Frank Mir vs Mark Hunt highlights UFC’s need for new heavyweight blood

Mark Hunt

During the last few years, a large majority of the UFC’s top events have featured smaller fighters from lighter weight classes who’ve brought an entertaining brand of non-stop action to a new generation of octagon addicts.

But while we’ve been busy enjoying the endlessly-entertaining exploits of mixed martial artists such as Conor McGregor, Anthony Pettis, and Donald Cerrone, the UFC’s heavyweight division has become a haven for former headliners who now fight Father Time on a daily basis.

Evidence of the aging division’s inevitable decline is everywhere, and when 36-year old Frank Mir steps into the octagon to face 41-year old Mark Hunt in the main event of Saturday’s UFC Fight Night Brisbane, the spotlight will shine on a division that’s truly desperate for new blood.

At the moment, 29-year old Ruslan Magomedov is the only heavyweight currently ranked within the UFC’s top-15 who’s also under the age of 30.

Cain Velasquez, Junior Dos Santos, Stipe Miocic, Ben Rothwell, and Travis Browne, are all between the ages of 32 and 34, but all five are also well into their UFC careers, and the rest of the ranked heavyweights are on the wrong side of 35.

By comparison, eight of the UFC’s top-15 flyweights, including reigning 125-pound champion Demetrious Johnson, have yet to reach the age of 30, and none are currently older than 32. And at 135-pounds, seven of the promotion’s top-15 bantamweights are also in their 20’s, while five others are between the ages of 30 and 32.

With seven of the promotion’s top featherweights, and eight of its best lightweights also still south of 30, the UFC has done everything it can to ensure that the issues currently facing the youth-starved heavyweight division won’t plague its lighter weight classes in the future.

Because key heavyweights such as Velasquez, Dos Santos, and Miocic are only a few years older than many of the UFC’s sub-welterweight contenders, some would argue that the promotion’s heavyweight cupboards are fully stocked for the future.

But for many, the period between the ages of 25 or 26 until their early 30’s often represents the height of their UFC careers. And unless Velasquez and Dos Santos can get their hands on Marty McFly’s DeLorean, that time appears to have passed.

The overall lack of youth among the UFC’s top-15 heavyweights wouldn’t matter so much if the lower levels of the division were loaded with twenty-something talents waiting for a shot at the big time, but that’s just not the case.

Believe it or not, of the 43 heavyweights listed on, only seven are younger than 30, and one of them hasn’t even appeared in the octagon. And of the six sub-30 heavyweights who have seen actual octagon action, three are 29, and another is 28.

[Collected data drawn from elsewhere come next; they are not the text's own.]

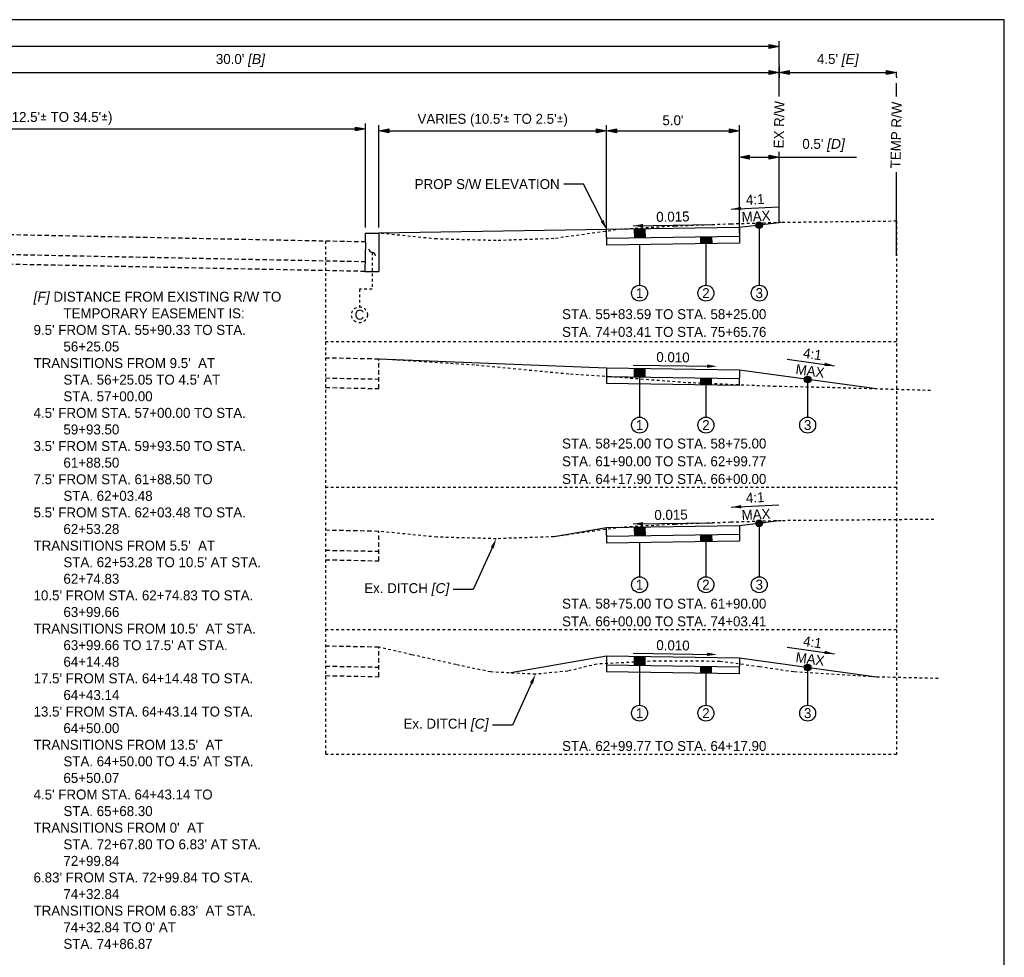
# Model space of a CAD drawing. Header units: feet. Extents: x 19045 to 19260, y 13883 to 14018.
# Tile 4 of 8: x 19099 to 19136, y 13910 to 13945. Entities that reach past the tile are written whole.
import ezdxf
from ezdxf import colors
from ezdxf.entities.mleader import LeaderData, LeaderLine
from ezdxf.enums import TextEntityAlignment as Align
from ezdxf.math import Vec2, Vec3

# ---------------------------------------------------------------- set-up
doc = ezdxf.new("R2010")
doc.units = ezdxf.units.FT
doc.header["$MEASUREMENT"] = 0
for name, pattern in [('cl5', [25, 1.25, -1.25, 20, -1.25, 1.25]), ('DASHED', [0.75, 0.5, -0.25]), ('DASHED2', [0.375, 0.25, -0.125]), ('OhDOT_USTN2', [0.11, 0.069, -0.041]), ('OhDOT_USTN3', [0.22, 0.165, -0.055])]:
    doc.linetypes.add(name, pattern=pattern)
for name, color, linetype in [('CM_P_Sidewalk', 254, 'Continuous'), ('PF_X_Ground_Line', 3, 'OhDOT_USTN2'), ('PV_P_EOP', 7, 'Continuous'), ('PV_P_Text', 10, 'Continuous'), ('PV_X_EOP', 7, 'OhDOT_USTN3'), ('RW_X_CL_5', 6, 'cl5'), ('RW_X_Right_of_Way', 7, 'ROWEX-COEC')]:
    doc.layers.add(name, color=color, linetype=linetype)
doc.styles.add('Slanted-Normal', font='font31.shx', dxfattribs={"height": 0.125})
doc.styles.get("Standard").update_dxf_attribs({"font": 'font31.shx'})
doc.styles.add('Straight-Normal', font='font30.shx', dxfattribs={"height": 0.14})
doc.linetypes.add('ROWEX-COEC', pattern='A,0.75,-0.05,["Ex R/W",Straight-Normal,S=1,R=0,X=0,Y=-0.06],-0.7,0.75,-0.3,0.75,-0.3,0.75,-0.3,0.75,-0.3', length=5.7)
doc.dimstyles.new('Dec-1  Slanted', dxfattribs={"dimtxt": 0.125, "dimasz": 0.125, "dimexe": 0.07, "dimexo": 0.07, "dimgap": 0.07, "dimtad": 1, "dimdec": 1, "dimzin": 3, "dimdsep": 46, "dimtxsty": 'Slanted-Normal', "dimblk": 'Dim1', "dimcen": 0, "dimclrd": 95, "dimclre": 95, "dimclrt": 7, "dimadec": 1, "dimazin": 3, "dimtfac": 1, "dimtdec": 1, "dimtix": 1, "dimtofl": 0, "dimtmove": 1, "dimatfit": 3, "dimldrblk": 'Dim1', "dimfxl": 1, "dimtolj": 1, "dimtzin": 0, "dimlwd": -1, "dimlwe": -1, "dimarcsym": 0})

# ---------------------------------------------------------------- blocks, each defined once
blk = doc.blocks.new('Dim1')
h = blk.add_hatch(color=4)
h.dxf.hatch_style = 1
h.paths.add_polyline_path([(0, 0), (-1, -0.2), (-1, 0.2)])
at = {"color": 4}
blk.add_lwpolyline([(0, 0), (-1, -0.2), (-1, 0.2), (0, 0)], dxfattribs=at)
blk = doc.blocks.new('*D887')
at = {"layer": 'Defpoints', "color": 0, "transparency": 16777216}
for p in [(19087.192, 13941.042), (19112.192, 13941.042), (19112.192, 13937.116)]:
    blk.add_point(p, dxfattribs=at)
at = {"layer": 'PV_P_Text', "color": 95, "linetype": 'Continuous', "transparency": 16777216}
for p, q in [((19087.567, 13941.042), (19111.817, 13941.042)), ((19112.192, 13937.326), (19112.192, 13941.252))]:
    blk.add_line(p, q, dxfattribs=at)
at = {"layer": 'PV_P_Text', "color": 95, "transparency": 16777216, "xscale": 0.375, "yscale": 0.375, "zscale": 0.375, "rotation": 180}
blk.add_blockref('Dim1', (19087.192, 13941.042), dxfattribs=at)
at = {"layer": 'PV_P_Text', "color": 95, "transparency": 16777216, "xscale": 0.375, "yscale": 0.375, "zscale": 0.375}
blk.add_blockref('Dim1', (19112.192, 13941.042), dxfattribs=at)
at = {"layer": 'PV_P_Text', "color": 7, "transparency": 16777216, "insert": (19099.692, 13941.439), "char_height": 0.375, "attachment_point": 5, "style": 'Slanted-Normal'}
blk.add_mtext("\\A1;VARIES (12.5'{\\fISOCPEUR|b0|i0|c0|p34;%%P} TO 34.5'{\\fISOCPEUR|b0|i0|c0|p34;%%P})", dxfattribs=at)
blk = doc.blocks.new('*D885')
at = {"layer": 'Defpoints', "color": 0, "transparency": 16777216}
for p in [(19121.275, 13940.972), (19112.692, 13937.116), (19121.275, 13936.967)]:
    blk.add_point(p, dxfattribs=at)
at = {"layer": 'PV_P_Text', "color": 95, "linetype": 'Continuous', "transparency": 16777216}
for p, q in [((19112.692, 13937.326), (19112.692, 13941.182)), ((19113.067, 13940.972), (19120.9, 13940.972)), ((19121.275, 13937.177), (19121.275, 13941.182))]:
    blk.add_line(p, q, dxfattribs=at)
at = {"layer": 'PV_P_Text', "color": 95, "transparency": 16777216, "xscale": 0.375, "yscale": 0.375, "zscale": 0.375, "rotation": 180}
blk.add_blockref('Dim1', (19112.692, 13940.972), dxfattribs=at)
at = {"layer": 'PV_P_Text', "color": 95, "transparency": 16777216, "xscale": 0.375, "yscale": 0.375, "zscale": 0.375}
blk.add_blockref('Dim1', (19121.275, 13940.972), dxfattribs=at)
at = {"layer": 'PV_P_Text', "color": 7, "transparency": 16777216, "insert": (19116.984, 13941.369), "char_height": 0.375, "attachment_point": 5, "style": 'Slanted-Normal'}
blk.add_mtext("\\A1;VARIES (10.5'{\\fISOCPEUR|b0|i0|c0|p34;%%P} TO 2.5'{\\fISOCPEUR|b0|i0|c0|p34;%%P})", dxfattribs=at)
blk = doc.blocks.new('*D886')
at = {"layer": 'Defpoints', "color": 0, "transparency": 16777216}
for p in [(19127.775, 13943.644), (19132.191, 13943.212), (19132.191, 13943.174)]:
    blk.add_point(p, dxfattribs=at)
at = {"layer": 'PV_P_Text', "color": 95, "linetype": 'Continuous', "transparency": 16777216}
for p, q in [((19127.775, 13943.434), (19127.775, 13942.964)), ((19128.15, 13943.174), (19131.816, 13943.174)), ((19132.191, 13943.002), (19132.191, 13942.964))]:
    blk.add_line(p, q, dxfattribs=at)
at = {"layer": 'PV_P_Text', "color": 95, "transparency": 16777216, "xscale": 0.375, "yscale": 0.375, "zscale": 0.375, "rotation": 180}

While those numbers should concern both the UFC, as well as die-hard fans of the heavyweight division, the only way to infuse this aging weight class with a new crop of young heavyweights is by temporarily lowering the promotion’s standards until the problem fixes itself.

Hopefully, main events featuring Hunt and Mir on Saturday, Dos Santos and Rothwell on April 10th, Alistair Overeem and Andrei Arlovsky on May 8th, and a title fight between Miocic and reigning heavyweight champion Fabricio Werdum on May 14th, will somehow inspire countless young heavyweights to pursue their UFC dreams before it’s too late.

In the meantime, all we can do is sit back and watch while the UFC’s upcoming string of heavyweight headliners reminds everyone that the sport’s leading promotion is headed for a fairly serious problem unless something is done soon.